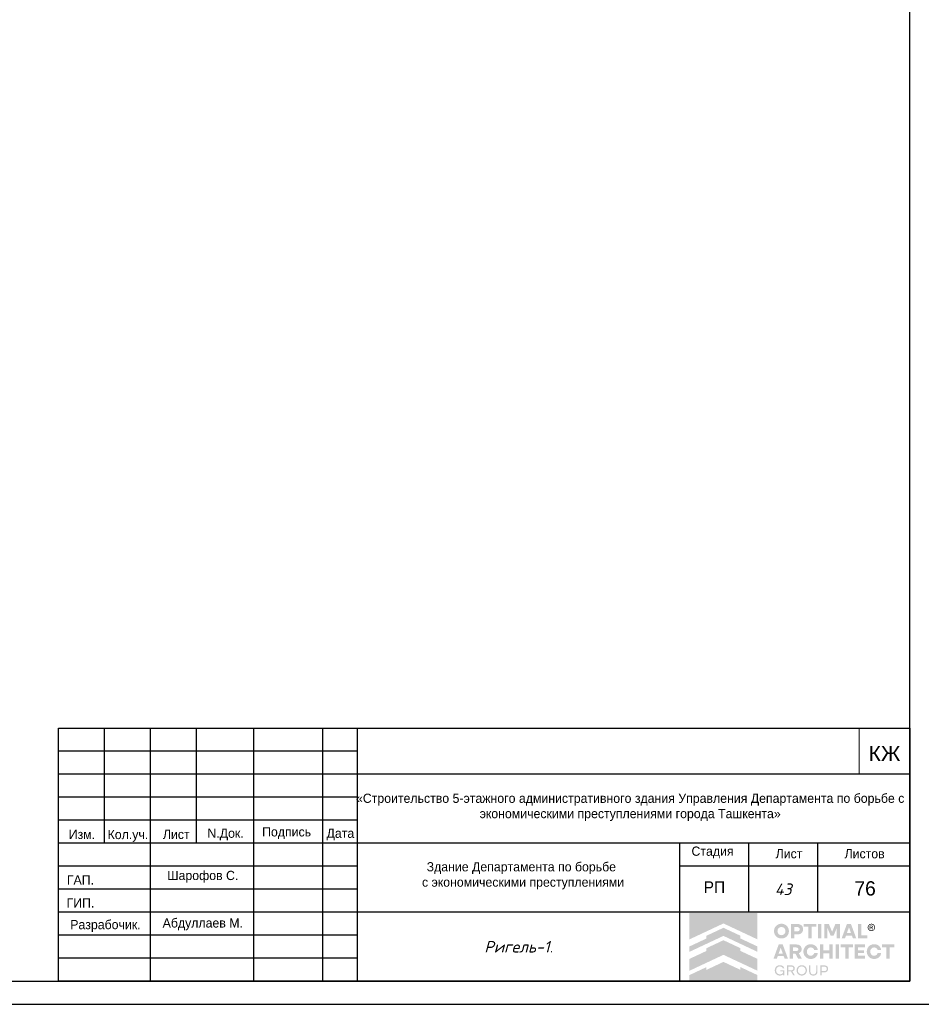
# Model space of a CAD drawing. Header units: millimetres. Extents: x -33345 to 4712671, y -3392 to 121473.
# Tile 533 of 656: x 2670362 to 2689955, y 44501 to 65899. Entities that reach past the tile are written whole.
import ezdxf

# ---------------------------------------------------------------- set-up
doc = ezdxf.new("R2010")
doc.units = ezdxf.units.MM
for name, color, linetype, lineweight in [('0.25', 7, 'Continuous', 25), ('ACO-текст', 7, 'Continuous', 20), ('Текст', 7, 'Continuous', 20), ('штамп', 7, 'Continuous', 13)]:
    doc.layers.add(name, color=color, linetype=linetype, lineweight=lineweight)
doc.layers.add('Лист', color=7, linetype='Continuous')
doc.styles.add('ISOCPEUR', font='isocpeui.ttf', dxfattribs={"height": 300})
doc.styles.add('RUSS', font='RUSS.shx', dxfattribs={"width": 0.8, "oblique": 15, "height": 250})
doc.styles.get("Standard").update_dxf_attribs({"font": 'arial.ttf'})
doc.styles.add('X-U-RW-01$0$StyleROMANS', font='GOTHIC.TTF')

# ---------------------------------------------------------------- blocks, each defined once
blk = doc.blocks.new('*U327')
at = {"layer": '0.25', "color": 5, "linetype": 'Continuous', "lineweight": 25, "ltscale": 100}
blk.add_lwpolyline([(-125914, 0), (0, 0), (0, 42000), (-125914, 42000), (-125914, 0)], dxfattribs=at)
at = {"layer": '0.25', "color": 7, "linetype": 'Continuous', "lineweight": 30, "ltscale": 100}
blk.add_lwpolyline([(-123914, 500), (-500, 500), (-500, 41500), (-123914, 41500), (-123914, 500)], dxfattribs=at)
blk = doc.blocks.new('logo')
at = {"true_color": 0x90e0ed}
h = blk.add_hatch(color=141, dxfattribs=at)
h.dxf.hatch_style = 1
h.paths.add_polyline_path([(5.672, 5.668), (0.009, 5.668), (0.009, 3.483), (1.425, 4.147), (2.84, 4.81), (4.256, 4.147), (5.672, 3.483)])
at = {"true_color": 0x1f2877}
h = blk.add_hatch(color=166, dxfattribs=at)
h.dxf.hatch_style = 1
h.paths.add_polyline_path([(2.84, 4.449), (1.425, 3.786), (1.425, 3.558), (0.009, 2.894), (0.009, 2.448), (1.425, 3.112), (2.84, 3.775), (4.256, 3.112), (5.672, 2.448), (5.672, 2.894), (4.256, 3.558), (4.256, 3.786)])
h.paths.add_polyline_path([(2.84, 3.415), (1.425, 2.751), (1.425, 2.523), (0.009, 1.86), (0.009, 0.873), (1.425, 1.536), (2.84, 2.199), (4.256, 1.536), (5.672, 0.873), (5.672, 1.86), (4.256, 2.523), (4.256, 2.751)])
h.paths.add_polyline_path([(2.84, 1.611), (1.425, 0.947), (1.425, 1.176), (0.009, 0.512), (0.009, 0.005), (5.672, 0.005), (5.672, 0.512), (4.256, 1.176), (4.256, 0.947)])
at = {"true_color": 0x212121}
h = blk.add_hatch(color=250, dxfattribs=at)
h.dxf.hatch_style = 1
h.paths.add_polyline_path([(8.107, 4.61), (8.086, 4.63), (8.064, 4.649), (8.041, 4.667), (8.017, 4.683), (7.992, 4.699), (7.967, 4.713), (7.94, 4.726), (7.912, 4.738), (7.884, 4.749), (7.855, 4.759), (7.825, 4.766), (7.795, 4.773), (7.763, 4.778), (7.732, 4.782), (7.7, 4.784), (7.667, 4.785), (7.634, 4.784), (7.602, 4.782), (7.571, 4.778), (7.54, 4.773), (7.51, 4.766), (7.48, 4.758), (7.451, 4.749), (7.422, 4.738), (7.394, 4.725), (7.367, 4.712), (7.341, 4.697), (7.316, 4.682), (7.292, 4.665), (7.269, 4.648), (7.247, 4.629), (7.226, 4.609), (7.206, 4.588), (7.187, 4.566), (7.169, 4.544), (7.153, 4.52), (7.137, 4.495), (7.122, 4.47), (7.109, 4.443), (7.097, 4.416), (7.086, 4.387), (7.076, 4.359), (7.068, 4.329), (7.061, 4.299), (7.056, 4.268), (7.053, 4.237), (7.05, 4.205), (7.05, 4.173), (7.05, 4.14), (7.053, 4.108), (7.056, 4.077), (7.061, 4.047), (7.068, 4.016), (7.076, 3.987), (7.086, 3.958), (7.097, 3.93), (7.109, 3.903), (7.122, 3.876), (7.137, 3.85), (7.153, 3.826), (7.169, 3.802), (7.187, 3.779), (7.206, 3.757), (7.226, 3.736), (7.247, 3.716), (7.269, 3.697), (7.292, 3.679), (7.316, 3.662), (7.341, 3.647), (7.367, 3.633), (7.394, 3.619), (7.422, 3.607), (7.451, 3.596), (7.48, 3.587), (7.51, 3.579), (7.54, 3.573), (7.571, 3.568), (7.602, 3.564), (7.634, 3.562), (7.667, 3.561), (7.7, 3.562), (7.732, 3.564), (7.763, 3.568), (7.795, 3.573), (7.825, 3.579), (7.855, 3.587), (7.884, 3.596), (7.912, 3.607), (7.94, 3.619), (7.967, 3.633), (7.992, 3.647), (8.017, 3.662), (8.041, 3.679), (8.064, 3.697), (8.086, 3.716), (8.107, 3.736), (8.127, 3.757), (8.146, 3.779), (8.164, 3.802), (8.181, 3.826), (8.196, 3.85), (8.211, 3.876), (8.224, 3.903), (8.237, 3.93), (8.248, 3.958), (8.257, 3.987), (8.265, 4.016), (8.272, 4.047), (8.277, 4.077), (8.281, 4.108), (8.283, 4.14), (8.284, 4.173), (8.283, 4.205), (8.281, 4.237), (8.277, 4.268), (8.272, 4.299), (8.265, 4.329), (8.257, 4.359), (8.248, 4.387), (8.237, 4.416), (8.224, 4.443), (8.211, 4.47), (8.196, 4.495), (8.181, 4.52), (8.164, 4.544), (8.146, 4.567), (8.127, 4.589)])
h.paths.add_polyline_path([(7.841, 4.464), (7.854, 4.455), (7.867, 4.446), (7.879, 4.436), (7.891, 4.426), (7.902, 4.415), (7.913, 4.403), (7.923, 4.391), (7.933, 4.379), (7.942, 4.366), (7.95, 4.352), (7.958, 4.338), (7.965, 4.324), (7.972, 4.308), (7.977, 4.293), (7.982, 4.277), (7.987, 4.261), (7.99, 4.244), (7.993, 4.228), (7.995, 4.21), (7.996, 4.193), (7.996, 4.175), (7.996, 4.157), (7.995, 4.139), (7.993, 4.121), (7.99, 4.104), (7.987, 4.088), (7.982, 4.071), (7.977, 4.055), (7.972, 4.039), (7.965, 4.024), (7.958, 4.009), (7.95, 3.994), (7.942, 3.981), (7.933, 3.967), (7.923, 3.955), (7.913, 3.942), (7.902, 3.931), (7.891, 3.92), (7.879, 3.909), (7.867, 3.9), (7.854, 3.891), (7.841, 3.882), (7.827, 3.874), (7.813, 3.867), (7.798, 3.86), (7.783, 3.854), (7.767, 3.849), (7.751, 3.844), (7.735, 3.841), (7.718, 3.838), (7.701, 3.836), (7.684, 3.835), (7.667, 3.834), (7.649, 3.835), (7.632, 3.836), (7.615, 3.838), (7.598, 3.841), (7.582, 3.844), (7.566, 3.849), (7.551, 3.854), (7.535, 3.86), (7.521, 3.867), (7.506, 3.874), (7.492, 3.882), (7.479, 3.891), (7.466, 3.9), (7.454, 3.909), (7.442, 3.92), (7.431, 3.931), (7.42, 3.942), (7.41, 3.955), (7.4, 3.967), (7.391, 3.981), (7.383, 3.994), (7.375, 4.009), (7.368, 4.024), (7.362, 4.039), (7.356, 4.055), (7.351, 4.071), (7.347, 4.088), (7.343, 4.104), (7.34, 4.121), (7.338, 4.139), (7.337, 4.157), (7.337, 4.175), (7.337, 4.193), (7.338, 4.21), (7.34, 4.228), (7.343, 4.244), (7.347, 4.261), (7.351, 4.277), (7.356, 4.293), (7.362, 4.308), (7.368, 4.324), (7.375, 4.338), (7.383, 4.352), (7.391, 4.366), (7.4, 4.379), (7.41, 4.391), (7.42, 4.403), (7.431, 4.415), (7.442, 4.426), (7.454, 4.436), (7.466, 4.446), (7.479, 4.455), (7.492, 4.464), (7.506, 4.472), (7.521, 4.479), (7.535, 4.486), (7.551, 4.492), (7.566, 4.497), (7.582, 4.501), (7.598, 4.505), (7.615, 4.508), (7.632, 4.51), (7.649, 4.511), (7.667, 4.511), (7.684, 4.511), (7.701, 4.51), (7.718, 4.508), (7.735, 4.505), (7.751, 4.501), (7.767, 4.497), (7.783, 4.492), (7.798, 4.486), (7.813, 4.479), (7.827, 4.472)], flags=16)
h.paths.add_polyline_path([(9.335, 4.648), (9.319, 4.662), (9.301, 4.675), (9.283, 4.687), (9.264, 4.698), (9.245, 4.709), (9.224, 4.719), (9.203, 4.728), (9.181, 4.736), (9.158, 4.743), (9.134, 4.749), (9.11, 4.755), (9.085, 4.759), (9.059, 4.762), (9.032, 4.765), (9.005, 4.766), (8.977, 4.767), (8.47, 4.767), (8.47, 3.579), (8.75, 3.579), (8.75, 3.898), (8.977, 3.898), (9.005, 3.898), (9.032, 3.9), (9.059, 3.902), (9.085, 3.906), (9.11, 3.91), (9.134, 3.915), (9.158, 3.921), (9.181, 3.928), (9.203, 3.936), (9.224, 3.945), (9.245, 3.954), (9.264, 3.965), (9.283, 3.976), (9.301, 3.988), (9.319, 4.001), (9.335, 4.014), (9.35, 4.029), (9.365, 4.044), (9.379, 4.059), (9.391, 4.076), (9.403, 4.093), (9.414, 4.111), (9.424, 4.13), (9.432, 4.15), (9.44, 4.17), (9.447, 4.191), (9.453, 4.212), (9.458, 4.234), (9.461, 4.257), (9.464, 4.28), (9.466, 4.304), (9.466, 4.329), (9.466, 4.353), (9.464, 4.377), (9.461, 4.401), (9.458, 4.424), (9.453, 4.446), (9.447, 4.468), (9.44, 4.489), (9.432, 4.51), (9.424, 4.53), (9.414, 4.549), (9.403, 4.567), (9.391, 4.585), (9.379, 4.602), (9.365, 4.618), (9.35, 4.633)])
h.paths.add_polyline_path([(8.75, 4.511), (8.959, 4.511), (8.984, 4.511), (9.008, 4.508), (9.031, 4.505), (9.052, 4.499), (9.071, 4.492), (9.09, 4.484), (9.106, 4.474), (9.121, 4.463), (9.135, 4.45), (9.147, 4.436), (9.156, 4.421), (9.165, 4.404), (9.171, 4.387), (9.175, 4.368), (9.178, 4.348), (9.179, 4.327), (9.178, 4.306), (9.175, 4.287), (9.171, 4.268), (9.165, 4.251), (9.156, 4.235), (9.147, 4.22), (9.135, 4.206), (9.121, 4.193), (9.106, 4.182), (9.09, 4.172), (9.071, 4.164), (9.052, 4.157), (9.031, 4.151), (9.008, 4.148), (8.984, 4.145), (8.959, 4.144), (8.75, 4.144)], flags=16)
h.paths.add_polyline_path([(10.558, 4.767), (9.528, 4.767), (9.528, 4.529), (9.904, 4.529), (9.904, 3.579), (10.182, 3.579), (10.182, 4.529), (10.558, 4.529)])
h.paths.add_polyline_path([(10.975, 4.767), (10.695, 4.767), (10.695, 3.579), (10.975, 3.579)])
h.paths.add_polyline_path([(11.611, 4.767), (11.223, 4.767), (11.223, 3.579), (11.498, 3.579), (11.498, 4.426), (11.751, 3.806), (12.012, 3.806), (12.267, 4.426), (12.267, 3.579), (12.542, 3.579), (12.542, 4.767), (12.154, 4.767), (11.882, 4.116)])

• What you will do: Read the listing line by line, and copy each line in which the word "linetype" is found.

• Output of the exercise:
for name, color, linetype, lineweight in [('0.25', 7, 'Continuous', 25), ('ACO-текст', 7, 'Continuous', 20), ('Текст', 7, 'Continuous', 20), ('штамп', 7, 'Continuous', 13)]:
    doc.layers.add(name, color=color, linetype=linetype, lineweight=lineweight)
doc.layers.add('Лист', color=7, linetype='Continuous')
at = {"layer": '0.25', "color": 5, "linetype": 'Continuous', "lineweight": 25, "ltscale": 100}
at = {"layer": '0.25', "color": 7, "linetype": 'Continuous', "lineweight": 30, "ltscale": 100}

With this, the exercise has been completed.